## THE DATA
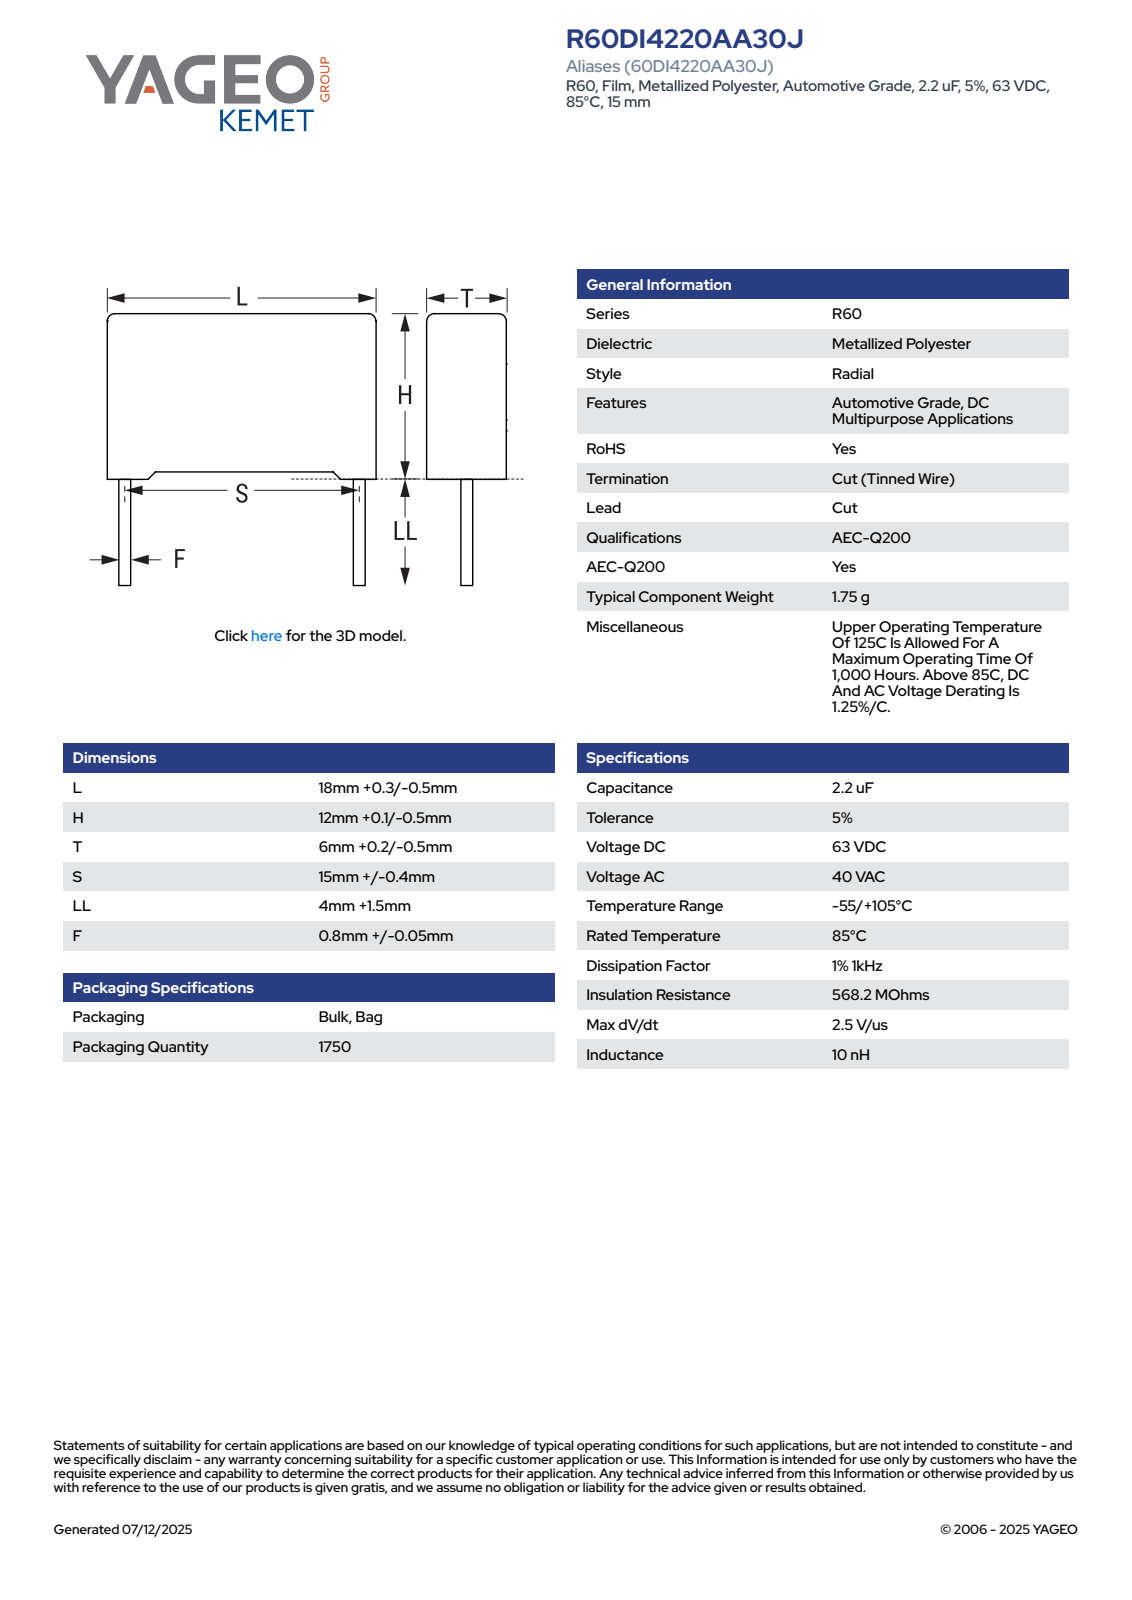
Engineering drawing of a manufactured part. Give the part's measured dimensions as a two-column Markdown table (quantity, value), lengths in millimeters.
| quantity | value |
| --- | --- |
| part name | CFR_RB2_18X12X6_L18.3H12.1T6.2S15LL5.5F0.85 |
| STEP written by | SolidWorks 2021 (AUTOMOTIVE_DESIGN) |
| units | millimeters |
| bodies | 4 solids, 85 faces (77 planar, 8 cylindrical, 0 other) |
| overall size | 18.3 × 17.6 × 6.21 |
| volume | 1 308 mm³ |
| surface area | 882 mm² |
| round bosses / shafts (diameter × count) | 0.85 × 2 |
| partial cylindrical surfaces (radius × count) | 0.5 × 4 |
| main face-to-face distances | 6.2, 11.35, 18.3, 0.61, 5.59, 0.75, 12.1, 0.42, 0.33, 11.68 |
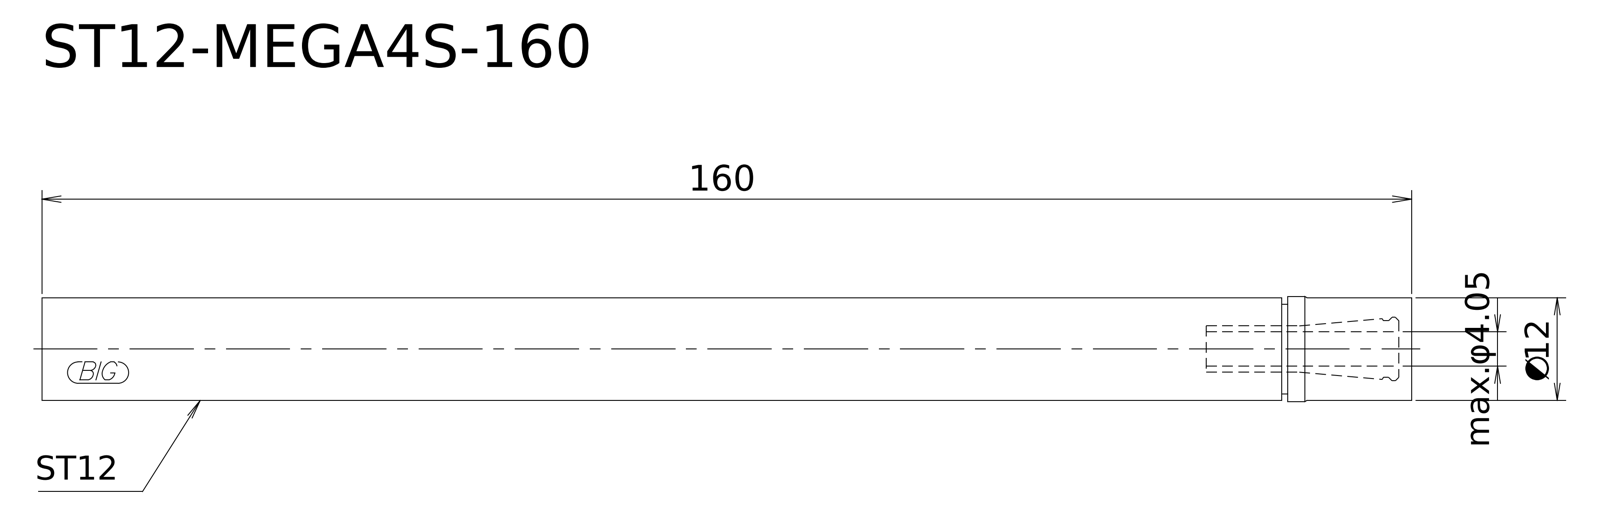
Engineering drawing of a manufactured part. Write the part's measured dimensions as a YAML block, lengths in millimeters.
step_written_by: "Kubotek KeyCreator V8.5.1 (14335) (CONFIG_CONTROL_DESIGN)"
units: millimeters
bodies: {solids: 1, faces: 9, planar: 3, cylindrical: 4, other: 2}
overall_size: [160, 12.3, 12.3]
volume: 18084
surface_area: 6305
round_bosses_or_shafts:
  - {diameter: 12.3, count: 1}
  - {diameter: 12, count: 1}
  - {diameter: 10.5, count: 1}
face_to_face_distances: [160, 14.5, 145.5]
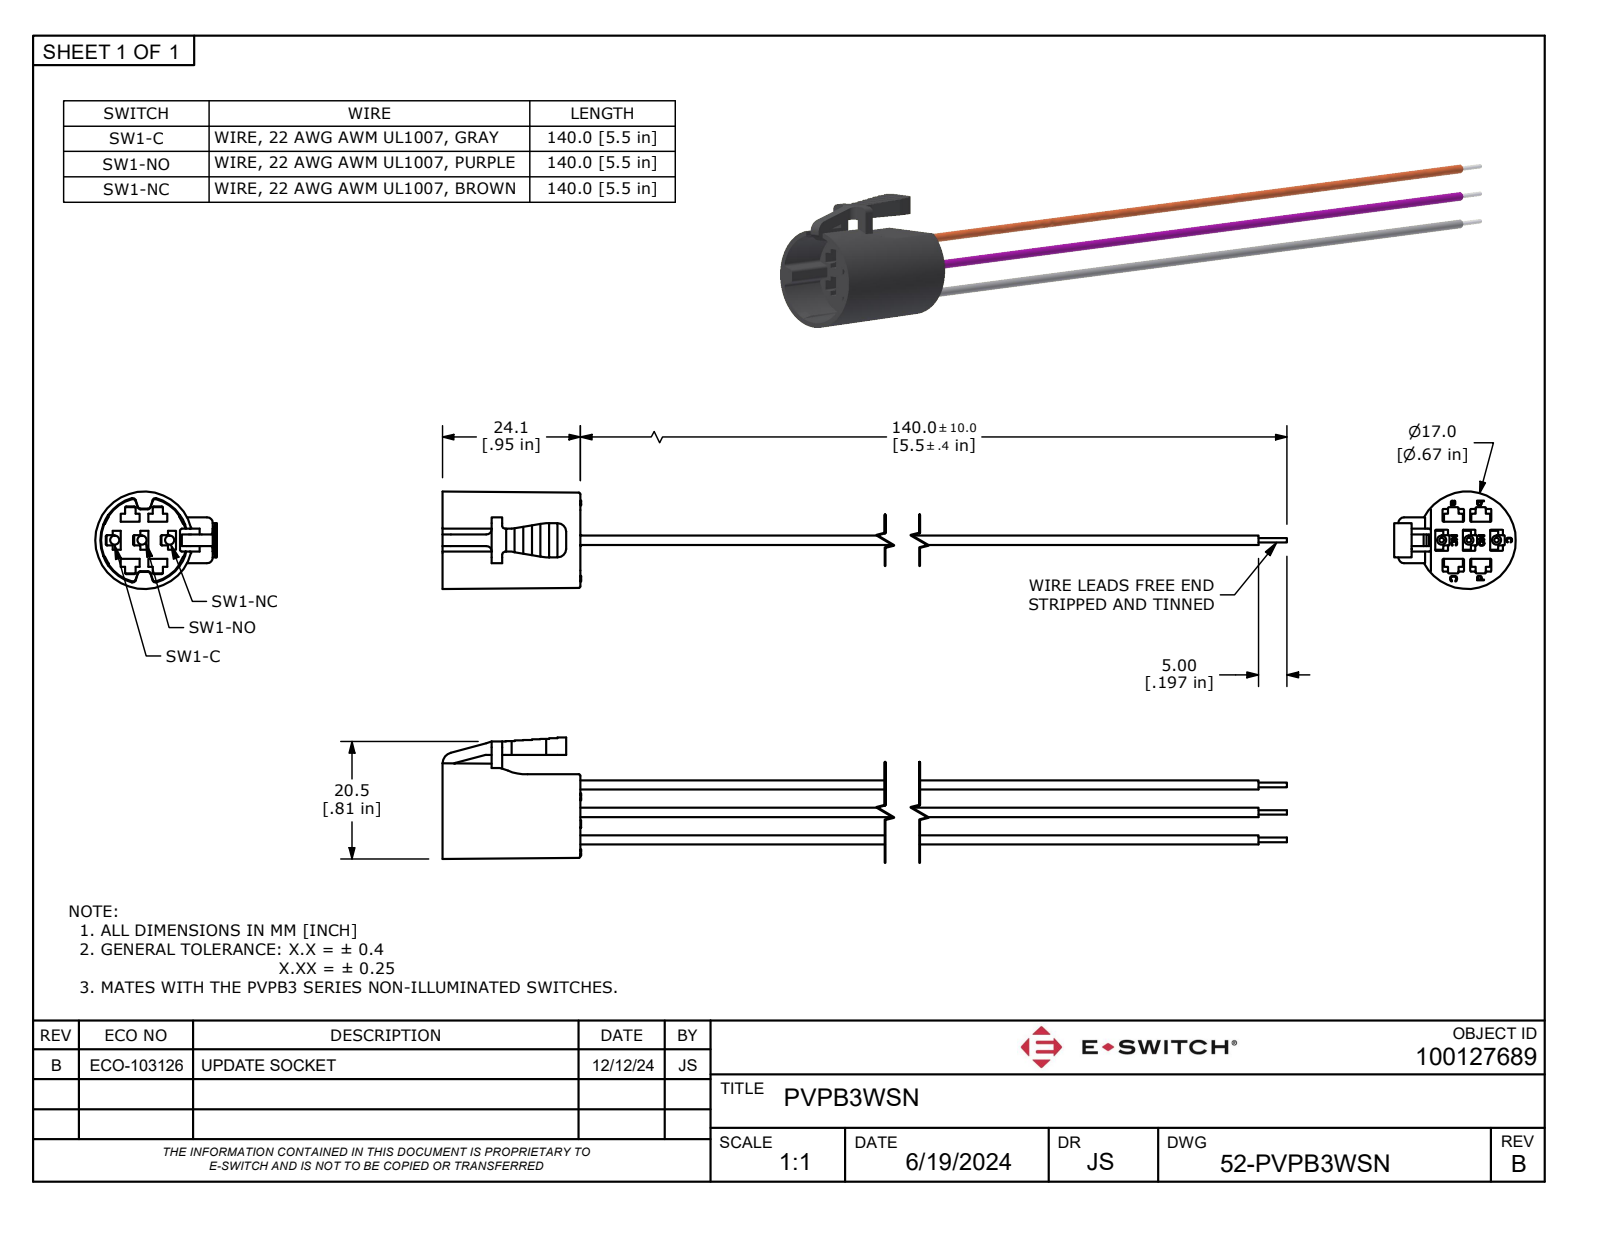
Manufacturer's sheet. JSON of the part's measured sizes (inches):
{"part_name": "PVPB3WSN", "step_written_by": "Autodesk Inventor 2022 (AUTOMOTIVE_DESIGN)", "units": "inches", "bodies": {"solids": 4, "faces": 717, "planar": 551, "cylindrical": 6, "other": 160}, "overall_size": [6.461, 0.835, 0.67], "volume_in3": 0.189, "surface_area_in2": 8.861, "round_bosses_or_shafts": [[0.063, 3], [0.031, 3]], "face_to_face_distances": [0.189, 0.61, 0.146, 0.03, 0.197, 0.175, 0.201, 0.055, 0.159, 0.087]}
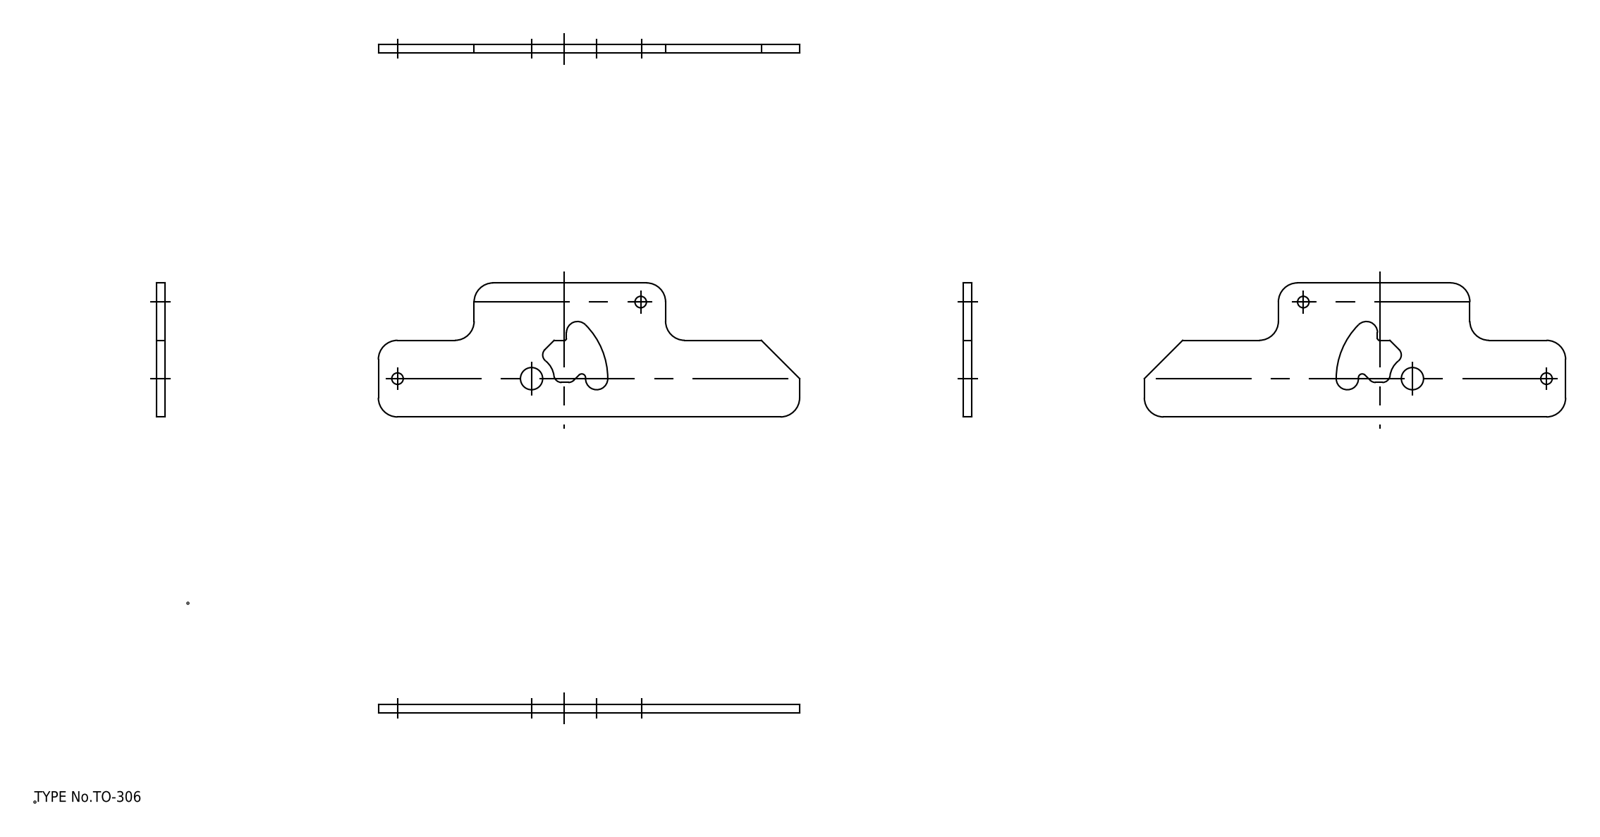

## WORK REQUEST
Please restate word for word each line from the one containing "Engineering drawing of a manufactured part. Write" to the end of the data above, without the pictures.

## RESULT OF THIS TASK
Engineering drawing of a manufactured part. Write the part's measured dimensions as a YAML block, lengths in millimeters.
step_written_by: "Kubotek KeyCreator V8.5.1 (14335) (CONFIG_CONTROL_DESIGN)"
units: millimeters
bodies: {solids: 1, faces: 9, planar: 3, cylindrical: 4, other: 2}
overall_size: [160, 12.3, 12.3]
volume: 18084
surface_area: 6305
round_bosses_or_shafts:
  - {diameter: 12.3, count: 1}
  - {diameter: 12, count: 1}
  - {diameter: 10.5, count: 1}
face_to_face_distances: [160, 14.5, 145.5]
Manufacturer's sheet. JSON of the part's measured sizes (inches):
{"part_name": "PVPB3WSN", "step_written_by": "Autodesk Inventor 2022 (AUTOMOTIVE_DESIGN)", "units": "inches", "bodies": {"solids": 4, "faces": 717, "planar": 551, "cylindrical": 6, "other": 160}, "overall_size": [6.461, 0.835, 0.67], "volume_in3": 0.189, "surface_area_in2": 8.861, "round_bosses_or_shafts": [[0.063, 3], [0.031, 3]], "face_to_face_distances": [0.189, 0.61, 0.146, 0.03, 0.197, 0.175, 0.201, 0.055, 0.159, 0.087]}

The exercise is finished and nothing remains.